Possible big cat kill?

Interesting that the DNA results have yet to bet released when they said they should be done by the end of last week. Guess we will just have to wait a little longer.

Who would not be surprised to see that when the results do get made public that the outcome will be along the lines of ......

.......Results have come back, but unfortunately are inconclusive as the swab samples taken from the carcass at the time have proved to be not fine enough to give an accurate DNA match up to any particular species.
 
If I am barking up the wrong tree but I was talking to my father tonight and he mentioned that there had been something on the news ref a big cat kill and a expert had been brought in and had said that the two deer (speices not stated) had been killed by a badger. Now my dad may be 83 years old, but he comes from nine generations of game keepers and is sound of mind and he stated to me that yes abadger would savenge on a carcass but take down a deer even a small one he would have doughts about.
 
I love the conclusion to this by the experts to say they only found Deer and Fox saliva on the carcass is a bit of a white wash so what are they trying to say that the deer died naturally and the foxes came along and only ate a small percentage of the deer or that the foxes attacked brought down the deer and only ate a small percentsge of the deer.
Could someone in the know please explain what they mean exactly was it killed by a fox or just eaten by a fox.
How long had the carcass been lying there if for more then 24 hours as suggested then why no other DNA found on the carcass or are thier only Deer and Foxes roaming in that area of the UK
EDIT - me thinks another cover up on the books and why not publish the finding into the public domain.
 
As with many of the more outlandish (in my opinion) cryptozoological claims we've now hit the wall with the classic, "you can't (conclusively) prove a negative" problem. The believers will always have an answer for whatever evidence is put foward including the classic "cover up" or "you're part of the conspiracy" explanations.
 
Until the so called experts publish any findings WITHOUT black covering marks over paragraph after paragraph then MOST people will think something is not quite right.

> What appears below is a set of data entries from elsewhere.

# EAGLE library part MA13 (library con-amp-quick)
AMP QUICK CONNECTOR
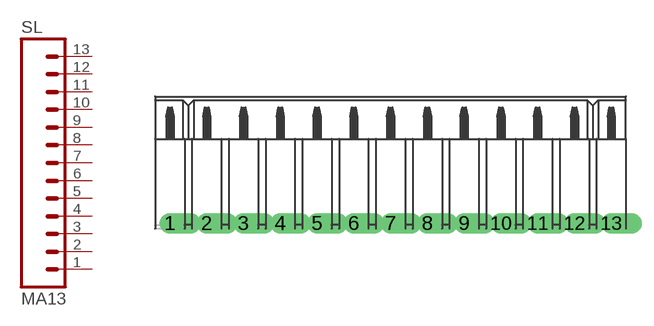
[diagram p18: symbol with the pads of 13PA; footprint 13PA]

Designator prefix SL

## MA13  [13PA]
1  1  pas
2  2  pas
3  3  pas
4  4  pas
5  5  pas
6  6  pas
7  7  pas
8  8  pas
9  9  pas
10  10  pas
11  11  pas
12  12  pas
13  13  pas

## Footprint 13PA (pad centres in mm)
AMP QUICK CONNECTOR
drill 0.914 offset: 1 -15.24,0; 2 -12.7,0; 3 -10.16,0; 4 -7.62,0; 5 -5.08,0; 6 -2.54,0; 7 0,0; 8 2.54,0; 9 5.08,0; 10 7.62,0; 11 10.16,0; 12 12.7,0; 13 15.24,0
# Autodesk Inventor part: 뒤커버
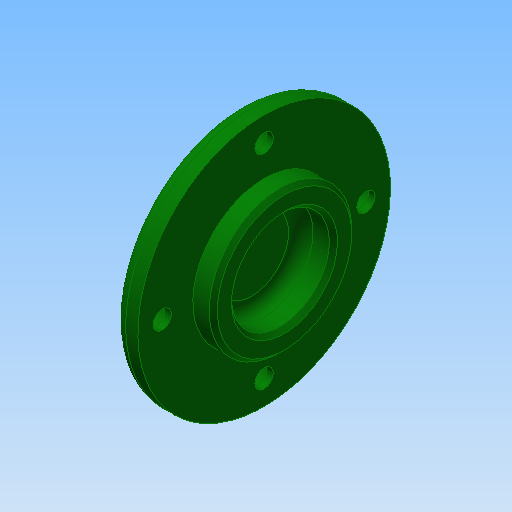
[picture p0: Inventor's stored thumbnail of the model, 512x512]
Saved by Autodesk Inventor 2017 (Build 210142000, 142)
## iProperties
Created: 2015-12
Part Number: 뒤커버
Document SubType Name: Modeling
Designer: mdu
Density: 2.71 g/cm^3
Material: 알루미늄 6061
Appearance: 진녹색
Mass: 56.1988 g
Surface Area: 84.0425 cm^2
Volume: 20.7376 cm^3
Author: mdu
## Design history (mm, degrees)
sketch "스케치1"
  geometry: L1 (-7, 0)-(7, 0); L2 (-7, 0)-(-7, 15.539); L3 (-7, 15.539)-(-4, 18.5); L4 (-4, 18.5)-(-4, 31); L5 (-4, 31)-(2, 31); L6 (2, 31)-(2, 17.5); L7 (2, 17.5)-(7, 17.5); L8 (7, 17.5)-(7, 0); 2 further points
  constraints: 16 end point, 4 parallel, 2 perpendicular, 1 coincident, 1 horizontal, 1 midpoint
  dimensions: "d0" = 14 distance of L1.start L1.end; "d1" = 62 diameter of L5 L1; "d2" = 35 diameter of L7 L1; "d3" = 37 diameter of L3.end L1; "d4" = 3 distance between parallel lines of L4 L2; "d5" = 6 distance of L4.end L5.end
revolve "회전1" sketch "스케치1" stored, may be unused: angle "d6" = 90 deg
sketch "스케치2" dims "d32" = 50
  geometry: 3 further points
  constraints: 2 vertical alignment, 1 coincident, 2 other
hole "구멍1" sketch "스케치2" at (0, 25) diameter "d8" = 4.5; stored, may be unused: countersink angle "d12" = 90 deg, drill point angle "d14" = 118 deg; dims "d9" = 6, "d10" = 8, "d11" = 4.4, "d13" = 8
hole "구멍2" diameter "d20" = 24; stored, may be unused: countersink angle "d24" = 90 deg, drill point angle "d26" = 0 deg; dims "d18" = 10, "d19" = 10, "d21" = 6, "d22" = 8, "d23" = 4.4, "d25" = 8
fillet "모깎기1" dims "d27" = 3
fillet "모깎기2" dims "d28" = 3
chamfer "모따기1" distance "d29" = 1; stored, may be unused: second distance "d30" = 2, angle "d31" = 45 deg
node "솔리드1"
pattern_circular "원형 패턴1" dims angle "d16" = 360 deg
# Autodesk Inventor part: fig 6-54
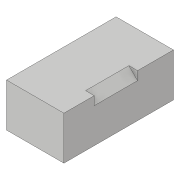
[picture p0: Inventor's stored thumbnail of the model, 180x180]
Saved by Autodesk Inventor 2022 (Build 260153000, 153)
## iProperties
Created: 2018-03
Part Number: fig 6-54
Material: Generic
Document SubType Name: Modeling
Designer: CADCIM 00
Density: 1 g/cm^3
Appearance: Default
Author: CADCIM 00
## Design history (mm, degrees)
sketch "Sketch1"
  geometry: L1 (0, 0)-(13.237, 0); L2 (13.237, 0)-(13.237, -25.282); L3 (13.237, -25.282)-(0, -25.282); L4 (0, -25.282)-(0, 0)
  constraints: 8 end point, 2 parallel, 1 horizontal, 1 perpendicular
extrude "Extrusion1" new body sketch "Sketch1" distance "d0" = 10; taper "d1" = 0 deg
chamfer "Chamfer1" distance "d2" = 2; stored, may be unused: second distance "d3" = 2, angle "d4" = 45 deg; dims "d5" = 7, "d6" = 10, "d7" = 8.28246
body "Solid1"
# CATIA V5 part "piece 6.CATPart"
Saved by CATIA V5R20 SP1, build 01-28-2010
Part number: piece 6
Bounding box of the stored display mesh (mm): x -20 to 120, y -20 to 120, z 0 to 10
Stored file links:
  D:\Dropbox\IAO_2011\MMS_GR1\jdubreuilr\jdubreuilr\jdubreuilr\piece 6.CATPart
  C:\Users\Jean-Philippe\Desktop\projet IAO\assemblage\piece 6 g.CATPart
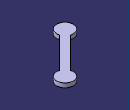
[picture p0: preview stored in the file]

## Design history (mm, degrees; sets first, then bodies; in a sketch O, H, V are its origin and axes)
Set1
  Point1: type OnPlane, Support xy-plane, H 0, V 0, Direction (1, 0, 0)
  Point2: type OnPlane, Support xy-plane, H 100, V 100, Direction (1, 0, 0)
  Line1: type Normal, RefPoint Point1, RefSkin end face of Pad1, Start 0, End 20
  Line2: type Normal, RefPoint Point2, RefSkin end face of Pad1, Start 0, End 20
Body1 (main body)
  Sketch1 on xy-plane, origin (0, 0, 0), H (1, 0, 0), V (0, 1, 0)
    arc A1 centre (0, 0) radius 20 from (5.1764, 19.3185) to (19.3185, 5.1764) ccw
    arc A2 centre (100, 100) radius 20 from (94.8236, 80.6815) to (80.6815, 94.8236) ccw
    point P3 (100, 100)
    point P5 (94.8236, 80.6815)
    reference projected point E1 (100, 100)
    line L1 (80.6815, 94.8236) -> (5.1764, 19.3185)
    line L2 (94.8236, 80.6815) -> (19.3185, 5.1764)
    point P6 (94.8236, 80.6815)
    axis line L3 (100, 100) -> (0, 0)
    radius A1 = 20
    radius A2 = 20
    distance L1 L3 = 10
    distance L2 L3 = 10
    coincidence: P3 E1, P6 A2, P5 P6
  Pad1: profile Sketch1, direction (0, 0, 1), length 10

This is not a conspiracy theory just a question that needs to be answered, as I have said before thier are that many excuses coming from the experts that it is becoming a great Carry On movie but without pictures.

As people in general who live in or near the countryside would say there are NO big cats but there is something out there killing wildlife and unfortunatly the Dog and Fox are getting the blame because the experts don't know or won't say what is out there.

I still DONOT believe we have big cats but do think that we have something out there but if the findings keep being left on shelves so the general public cannot access them then what are they covering up do they think the real findings will scare the general public or is it simple they don't want us to know.


Maybe one day we will know the truth but until then hey it makes a great debate.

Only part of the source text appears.